2 前項により研究を実施しようとする研究責任者は、研究代表者の所属機関における倫理審査委員会に審査を依頼することについて事前に学長に申し出を行った上で、人を対象とする研究計画書(別紙様式1)に当該機関の倫理審査委員会による承認を受けたことがわかる資料を添えて委員会委員長(以下「委員長」という。)を通じて学長に報告し、本学における当該研究の実施について許可を得なければならない。
3 学長は、前項の報告があったときは、提出があった研究計画書等により、当該研究計画の実施の可否の判定を行い、速やかにその旨を研究責任者に通知するものとする。
4 学長は、前項の判定において、必要な場合は委員会に諮問し、その審査結果を尊重して実施の可否の判定を行うものとする。
5 研究責任者は、多機関共同研究(医学系研究又はヒトゲノム・遺伝子解析研究を除く。)について第1項の規定によらず本学の委員会の審査を求めるときは、第5条の規定を準用する。
(報告)
第7条 研究責任者は、当該研究の終了後遅滞なく当該研究の結果について人を対象とする研究終了報告書(別紙様式3)を学長に提出しなければならない。
2 研究責任者は、研究期間が数年にわたる場合には、毎年4月末までに人を対象とする研究実施状況報告書(別紙様式4)を学長に提出しなければならない。
3 研究責任者は、研究対象者に危険又は不利益が生じた場合は、直ちに学長に報告しなければならない。
4 学長は、前3項の報告があったときは、当該報告の内容について委員会に諮問し、研究計画の変更その他当該研究に関し必要な事項を決定するものとする。
(インフォームド・コンセント等)
第8条 研究者等は、人を対象とする研究を実施しようとするとき又は既存試料・情報を提供しようとするときは、あらかじめ研究対象者からインフォームド・コンセントを受けることを原則とする。
2 研究対象者からインフォームド・コンセントを受ける場合は、次に掲げる方法によるものとする。ただし、関係告示等においてインフォームド・コンセントを省略する手続が定められている場合又は法令の規定により既存試料・情報を提供する場合若しくは既存試料・情報の提供を受ける場合については、この限りでない。
(1) 文書により説明し文書により同意を受ける方法
(2) 前号の方法によりがたい場合は、研究対象者に対する説明の内容及び研究対象者から受けた同意に関する記録を作成する方法
3 研究者等は、次に掲げる全ての事項に配慮した上で、前項第1号に定める文書によるインフォームド・コンセントに代えて、電磁的方法によるインフォームド・コンセントを受けることができる。
(1) 研究対象者等に対し、本人確認を適切に行うこと。
(2) 研究対象者等が説明内容に関する質問をする機会を確保し、かつ、当該質問に十分に答えること。

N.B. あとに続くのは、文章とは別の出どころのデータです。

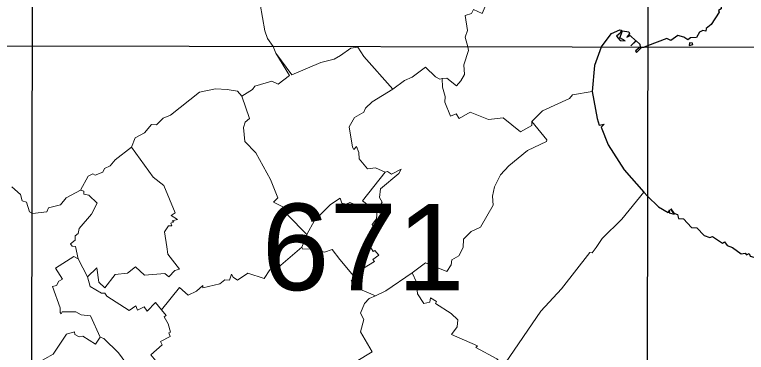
# Model space of a CAD drawing. Extents: x 483840 to 488445, y 4386047 to 4389027.
# Drawn here: x 488113.7 to 488278.3, y 4388075.6 to 4388151.7 of the extents above; entities that cross this region are included whole.
import ezdxf
from ezdxf.enums import TextEntityAlignment as Align

# ---------------------------------------------------------------- set-up
doc = ezdxf.new("R2010")
doc.units = 0
doc.header["$LTSCALE"] = 4
doc.linetypes.add('DOTTED', pattern=[1.5, 0.3, -1.2])
for name, color, linetype, lineweight in [('1', 7, 'Continuous', 13), ('2', 7, 'DOTTED', 13), ('3', 7, 'Continuous', 25)]:
    doc.layers.add(name, color=color, linetype=linetype, lineweight=lineweight)

msp = doc.modelspace()

# ---------------------------------------------------------------- linework, layer by layer
at = {"layer": '1', "lineweight": 25}
for p, q in [((488116.81, 4387693.08), (488117.86, 4388235.03)), ((488255.37, 4387692.81), (488256.42, 4388234.76)), ((487979.13, 4388144.96), (488394.81, 4388144.16))]:
    msp.add_line(p, q, dxfattribs=at)
at = {"layer": '3'}
msp.add_line((488256.11, 4388144.69), (488255.33, 4388144.38), dxfattribs=at)
at = {"layer": '3', "lineweight": 13}
msp.add_line((488171.85, 4388144.53), (488172.45, 4388143.01), dxfattribs=at)
for points in [[(488164.04, 4388180.35), (488162.48, 4388179.07), (488162.63, 4388175.3), (488163.18, 4388174.87), (488163.68, 4388173.06), (488163.73, 4388169.67), (488165.91, 4388166.46), (488167.69, 4388165.71), (488167.55, 4388163.6), (488168.76, 4388162.25), (488168.71, 4388160.94), (488169.4, 4388159.34), (488169.66, 4388157.36), (488169.51, 4388155.19), (488168.92, 4388154.04), (488169.96, 4388148.07), (488170.6, 4388146.32), (488171.85, 4388144.53)], [(488231.17, 4388164.34), (488228.87, 4388163.4), (488224.37, 4388157.78), (488222.57, 4388156.35), (488221.87, 4388155.14), (488220.08, 4388154.77), (488218.9, 4388151.95), (488216.97, 4388152.84), (488216.47, 4388152), (488215.05, 4388151.49), (488215.57, 4388148.17), (488215.09, 4388146.67), (488215.64, 4388144.44)], [(488172.45, 4388143.01), (488175.54, 4388138.02), (488173, 4388136.09), (488171.54, 4388136.73), (488167.69, 4388135.58), (488167.17, 4388134.85), (488164.81, 4388133.38)], [(488172.45, 4388143.01), (488176.05, 4388138.15), (488182.61, 4388140.92), (488185.61, 4388141.66), (488186.99, 4388142.51)], [(488198.76, 4388134.96), (488192.28, 4388142.29), (488190.88, 4388144.37), (488189.35, 4388144.13), (488186.99, 4388142.51)], [(488215.64, 4388144.44), (488215.83, 4388143.61), (488214.77, 4388140.44), (488214.88, 4388138.22), (488214.08, 4388136.84), (488213.11, 4388135.65), (488210.93, 4388137.41), (488209.88, 4388137.32)], [(488209.88, 4388137.32), (488209.37, 4388137.17), (488208.41, 4388137.72), (488206.1, 4388139.92), (488203.15, 4388137.65), (488201.38, 4388136.87), (488198.76, 4388134.96)], [(488230.06, 4388127.66), (488230.09, 4388126.71), (488227.5, 4388125.33), (488223.62, 4388128.44), (488220.32, 4388128.11), (488216.21, 4388129.72), (488213.69, 4388128.29), (488213.04, 4388129.4), (488211.76, 4388128.83), (488210.46, 4388132.03), (488210.59, 4388133.29), (488209.93, 4388135.37), (488209.88, 4388137.32)], [(488164.81, 4388133.38), (488163.84, 4388134.44), (488161.53, 4388134.86), (488158.89, 4388134.97), (488155.24, 4388134.28), (488148.75, 4388129.05), (488147.12, 4388128.42), (488145.58, 4388126.92), (488144.49, 4388126.94), (488142.92, 4388125.08), (488140.82, 4388123.97), (488139.98, 4388121.9)], [(488198.76, 4388134.96), (488194.14, 4388132.11), (488192.61, 4388130.65), (488192.26, 4388129.72), (488190.13, 4388128.52), (488188.92, 4388126.43), (488189.73, 4388121.87), (488189.98, 4388121.32), (488190.57, 4388122.02), (488191.14, 4388120.63), (488191.2, 4388119.2), (488193.09, 4388116.98), (488194.85, 4388117.24), (488197.06, 4388116.24)], [(488164.81, 4388133.38), (488166.56, 4388128.34), (488165.55, 4388127.46), (488165.16, 4388126.29), (488165.46, 4388123.12), (488167.93, 4388120.56), (488171.27, 4388114.58), (488172.92, 4388110.44), (488171.92, 4388109.47), (488174.96, 4388107.94), (488174.44, 4388107.44), (488175.08, 4388106.62), (488179.43, 4388102.16), (488178.31, 4388099.33)], [(488243.61, 4388134.37), (488239.22, 4388133.68), (488238.5, 4388132.84), (488232.47, 4388130.07), (488230.06, 4388127.66)], [(488230.06, 4388127.66), (488233.44, 4388123.49), (488233.35, 4388123.17), (488229.07, 4388121.1), (488224.86, 4388117.69), (488223.01, 4388115.65), (488221.67, 4388112.93), (488221.19, 4388110.79), (488221.36, 4388108.82), (488218.5, 4388103.82), (488216.42, 4388102.87), (488214.66, 4388101.11), (488214.63, 4388099.27)], [(488139.98, 4388121.9), (488136.28, 4388118.99), (488135.16, 4388117.65), (488133.91, 4388117.02), (488133.54, 4388116.23), (488131.77, 4388115.55), (488131.29, 4388115.85), (488130.22, 4388115.31), (488128.53, 4388112.21)], [(488139.98, 4388121.9), (488144.85, 4388115.08), (488147.28, 4388113.21), (488149.79, 4388107.06), (488148.9, 4388106.47), (488150.35, 4388105.59), (488149.16, 4388105.24), (488149.48, 4388105.05), (488148.8, 4388104.72), (488149.03, 4388104.17), (488148.27, 4388104.17), (488147.43, 4388102.77), (488147.91, 4388099.43)], [(488197.06, 4388116.24), (488197.59, 4388116.35), (488198.48, 4388115.78), (488200.63, 4388116.94), (488200.11, 4388115.91), (488196, 4388112.51), (488195.75, 4388110.51), (488196.38, 4388109.47), (488195.23, 4388107.67), (488195.14, 4388105.7), (488194.1, 4388104.44), (488195.1, 4388102.37), (488194.1, 4388102.14), (488193.05, 4388100.47), (488193.76, 4388099.3)], [(488197.06, 4388116.24), (488191.98, 4388109.79), (488193.5, 4388108.59), (488192.45, 4388107.18), (488190.06, 4388109.02), (488189.09, 4388109.37), (488188.29, 4388109), (488187.3, 4388109.25), (488186.92, 4388110.34)], [(488113.04, 4388112.95), (488114.99, 4388111.18), (488115.38, 4388109.76), (488116.38, 4388109.5), (488117.02, 4388107.33), (488117.72, 4388106.93)], [(488128.53, 4388112.21), (488125.27, 4388110.48), (488123.97, 4388108.88), (488121.28, 4388108.21), (488120.89, 4388107.29), (488117.72, 4388106.93)], [(488128.53, 4388112.21), (488129.26, 4388111.92), (488129.23, 4388111.27), (488130.39, 4388111.03), (488132.21, 4388109.22), (488131, 4388106.79), (488128.16, 4388103.55), (488127.94, 4388102.45), (488127.26, 4388101.88), (488127.27, 4388100.95), (488126.22, 4388100.07), (488126.62, 4388099.53), (488127.37, 4388099.5)], [(488255.24, 4388111.72), (488250.29, 4388105.67), (488245.9, 4388101.32), (488244.5, 4388099.24)], [(488186.92, 4388110.34), (488184.79, 4388108.92), (488181.17, 4388105.35), (488179.43, 4388102.16)], [(488127.37, 4388099.5), (488127.95, 4388096.72), (488130.05, 4388092.66)], [(488130.05, 4388092.66), (488132.15, 4388094.66), (488132.64, 4388091.49), (488133.96, 4388090.2), (488136.33, 4388093.21), (488139.04, 4388093.45), (488140.88, 4388094.88), (488142.92, 4388093.06), (488147.51, 4388093.42), (488148.38, 4388092.69), (488149.73, 4388094.06), (488150.76, 4388094.38), (488148.18, 4388097.78), (488147.91, 4388099.43)], [(488178.31, 4388099.33), (488173.03, 4388094.81), (488171.12, 4388094.25), (488169.86, 4388092.26), (488166.14, 4388093.48), (488163.83, 4388091.94), (488162.88, 4388092.57), (488162.51, 4388093.29), (488162.05, 4388091.91), (488161.01, 4388092.01), (488159.82, 4388091.05), (488156.02, 4388090.15), (488156, 4388090.72), (488154.61, 4388089.39), (488152.74, 4388088.53), (488150.77, 4388090.26), (488146.74, 4388085.23)], [(488178.31, 4388099.33), (488178.52, 4388098.88), (488180.65, 4388098.94), (488183.37, 4388098.22), (488185.12, 4388098.79), (488186.88, 4388096.54)], [(488193.76, 4388099.3), (488194.38, 4388098.36), (488194.71, 4388098.58), (488195.66, 4388097.54), (488194.28, 4388096.55), (488194.62, 4388096.12), (488191.98, 4388094.47), (488190.3, 4388092.44), (488186.88, 4388096.54)], [(488214.63, 4388099.27), (488213.66, 4388097.41), (488212.07, 4388096.52), (488211.91, 4388095.35), (488210.93, 4388093.88), (488206.12, 4388095.79), (488203.15, 4388093.53)], [(488224.16, 4388073.31), (488232.08, 4388084.89), (488236.77, 4388089.94), (488243.11, 4388098.16), (488243.61, 4388098.08), (488244.5, 4388099.24)], [(488127.95, 4388096.72), (488126.98, 4388097.2), (488122.89, 4388094.59), (488124.46, 4388092.1), (488123.62, 4388091.66), (488123.06, 4388090.72), (488122.23, 4388090.51), (488123.9, 4388085.66), (488123.89, 4388084.6), (488124.16, 4388084.35), (488124.4, 4388084.76), (488127.48, 4388084.78), (488128.67, 4388084.07), (488130.78, 4388083.86), (488132.89, 4388079.04)], [(488203.15, 4388093.53), (488197.22, 4388089.5), (488194.89, 4388088.35)], [(488203.15, 4388093.53), (488204.09, 4388091.47), (488204.34, 4388088.81), (488205.76, 4388086.61), (488207.08, 4388086.98), (488207.24, 4388087.92), (488208.61, 4388087.09), (488208.37, 4388086.66), (488211.89, 4388084.4), (488213.38, 4388082.97), (488213.26, 4388081.36), (488211.98, 4388079.63), (488217.83, 4388077.1), (488217.47, 4388076.74), (488222.21, 4388074.18), (488223.72, 4388072.75), (488224.16, 4388073.31)], [(488146.74, 4388085.23), (488145.38, 4388086.84), (488143.52, 4388084.93), (488142.83, 4388085.93), (488141.3, 4388085.11), (488140.95, 4388086.1), (488139.44, 4388085.05), (488134.43, 4388088.3), (488133.97, 4388088.99), (488133.21, 4388088.96), (488130.66, 4388090.46), (488130.05, 4388092.66)], [(488190.3, 4388092.44), (488189.41, 4388091.72), (488190.09, 4388091.41), (488189.76, 4388090.56), (488194.89, 4388088.35)], [(488194.89, 4388088.35), (488193.48, 4388087.75), (488192.38, 4388086.67), (488191.48, 4388084.47), (488192.27, 4388083.04), (488191.54, 4388080.29), (488194.16, 4388075.76), (488190.51, 4388073.6), (488191.05, 4388071.48), (488189.68, 4388069.49), (488189.21, 4388067.7), (488188.63, 4388067.51), (488188.94, 4388067.24), (488187.57, 4388066.06), (488186.81, 4388064.83)], [(488146.74, 4388085.23), (488147.74, 4388083.91), (488147.34, 4388083.64), (488148.25, 4388082.05), (488148.74, 4388080.16), (488148.38, 4388080.07), (488148.66, 4388079.24), (488146.48, 4388078.1), (488146.87, 4388077.34), (488144.33, 4388075.1), (488146.55, 4388072.39), (488145.73, 4388071.9), (488147.27, 4388069.55), (488145.91, 4388068.43)], [(488132.89, 4388079.04), (488131.89, 4388077.49), (488129.04, 4388079.3), (488128.21, 4388079.16), (488127.25, 4388079.67), (488127.13, 4388080.23), (488125.34, 4388079.76), (488122.37, 4388075.21), (488118.57, 4388073.12), (488117.67, 4388071.41), (488117.98, 4388069.64), (488117.58, 4388069.33)], [(488145.91, 4388068.43), (488144.36, 4388070.76), (488141.65, 4388069.34), (488137.02, 4388075.54), (488133.76, 4388078.8), (488132.89, 4388079.04)]]:
    msp.add_lwpolyline(points, dxfattribs=at)
at = {"layer": '3'}
for points in [[(488275.68, 4388159.47), (488276.93, 4388159.92), (488276.37, 4388157.76), (488273.32, 4388153.82), (488272.67, 4388153.74), (488272.69, 4388153), (488272.09, 4388152.64), (488272.25, 4388152.24), (488270.4, 4388149.51), (488269.26, 4388148.58), (488269.22, 4388147.96), (488268.51, 4388148.12), (488267.78, 4388147.77), (488267.09, 4388146.53), (488265.76, 4388146.5), (488265.13, 4388146.05), (488264.27, 4388146.67)], [(488245.64, 4388144.4), (488247.96, 4388147.46), (488249.87, 4388148.26), (488250.23, 4388148.23), (488249.95, 4388147.52), (488249.14, 4388146.84), (488249.93, 4388145.88), (488251.07, 4388145.81), (488249.89, 4388146.52), (488250.43, 4388148.07), (488251.91, 4388147.84), (488252.06, 4388147.41), (488251.46, 4388146.67), (488252.2, 4388147.04), (488253.45, 4388145.82), (488252.32, 4388144.67), (488253.52, 4388145.79), (488254.33, 4388145.04), (488254.44, 4388144.39)], [(488264.27, 4388146.67), (488262.9, 4388147.01), (488261.31, 4388145.9), (488260.41, 4388146.36), (488256.11, 4388144.69)], [(488245.64, 4388144.4), (488244.13, 4388140.27), (488243.61, 4388134.37)], [(488254.44, 4388144.39), (488253.4, 4388143.56), (488253.59, 4388143.18), (488254.74, 4388144.32), (488255.33, 4388144.38)], [(488243.61, 4388134.37), (488244.73, 4388128.31), (488245.21, 4388126.8), (488246.33, 4388127.01), (488245.66, 4388126.35), (488247.21, 4388122.39), (488250.82, 4388116.79), (488255.24, 4388111.72), (488256.09, 4388110.83)], [(488256.09, 4388110.83), (488258.59, 4388108.41), (488260.71, 4388107.16), (488261.03, 4388107.72), (488260.99, 4388107.09), (488262.07, 4388106.8), (488261.37, 4388107.98), (488262.03, 4388106.98), (488262.83, 4388106.69), (488263.1, 4388105.82), (488264.16, 4388105.75), (488265.97, 4388103.79)], [(488265.97, 4388103.79), (488267.22, 4388103.66), (488268.84, 4388101.98), (488270.12, 4388101.51), (488270.7, 4388101.73), (488272.99, 4388100.23), (488273.44, 4388100.57), (488274, 4388099.73), (488275.21, 4388099.24)], [(488275.21, 4388099.24), (488277.18, 4388097.87), (488278.09, 4388098), (488278.38, 4388097.62), (488278.93, 4388097.9), (488279.2, 4388097.28), (488280.55, 4388096.91), (488280.95, 4388096.08), (488281.69, 4388095.83), (488283.39, 4388094.07), (488286.31, 4388093.05), (488286.88, 4388092.92), (488286.57, 4388093.23), (488286.84, 4388093.25), (488287.38, 4388092.63)]]:
    msp.add_lwpolyline(points, dxfattribs=at)
msp.add_lwpolyline([(488265.56, 4388145.35), (488265.43, 4388144.74), (488266.31, 4388144.97), (488266.24, 4388145.32)], close=True, dxfattribs=at)

# ---------------------------------------------------------------- texts
at = {"layer": '2', "width": 1.05}
msp.add_text('671', height=19.5, rotation=359.889, dxfattribs=at).set_placement((488192.1, 4388089.62), align=Align.CENTER)

doc.saveas('drawing.dxf')

(3) インフォームド・コンセントを受けた後も説明事項を含めた同意事項を容易に閲覧できるようにし、特に研究対象者等が求める場合には文書を交付すること。
(個人情報等の保護)
第9条 研究に関する個人情報等は、国立大学法人北陸先端科学技術大学院大学個人情報管理規則に基づき取り扱うものとする。
(試料・情報等の保存)
第10条 研究責任者は、人を対象とする研究に関して人体から取得された試料並びに人を対象とする研究に用いられる情報及び当該情報に係る資料を保存する場合には、個人情報の漏えい、混交、盗難又は紛失等が起こらないよう適切に、かつ、研究結果の確認に資するよう整然と管理しなければならない。
(既存試料・情報の提供)
第11条 研究者等は、他の研究機関に対して既存試料・情報の提供のみを行おうとする場合は、他の研究機関への既存試料・情報の提供に関する申請書(別紙様式5)を学長に提出し、その承認を受けなければならない。
2 学長は、前項の申請があったときは、当該申請の倫理審査並びに関係告示等及び学内規則等との適合性その他必要な事項について委員会に諮問し、その審査結果を尊重して実施の可否の判定を行うものとする。
3 学長は、前項の判定を行ったときは、速やかにその旨を申請者に通知するものとする。
4 研究者等は、他の研究機関に対して既存試料・情報の提供のみを行おうとする場合は、提供時までに研究対象者から既存試料・情報の提供に係る同意を受け、及び当該同意に関する記録を作成することを原則とする。
(試料・情報の提供に関する記録)
第12条 研究者等は、研究に関する試料・情報を他の研究機関へ提供しようとする場合は、別表に掲げる記録項目を記載した当該試料・情報の提供に関する記録を作成しなければならない。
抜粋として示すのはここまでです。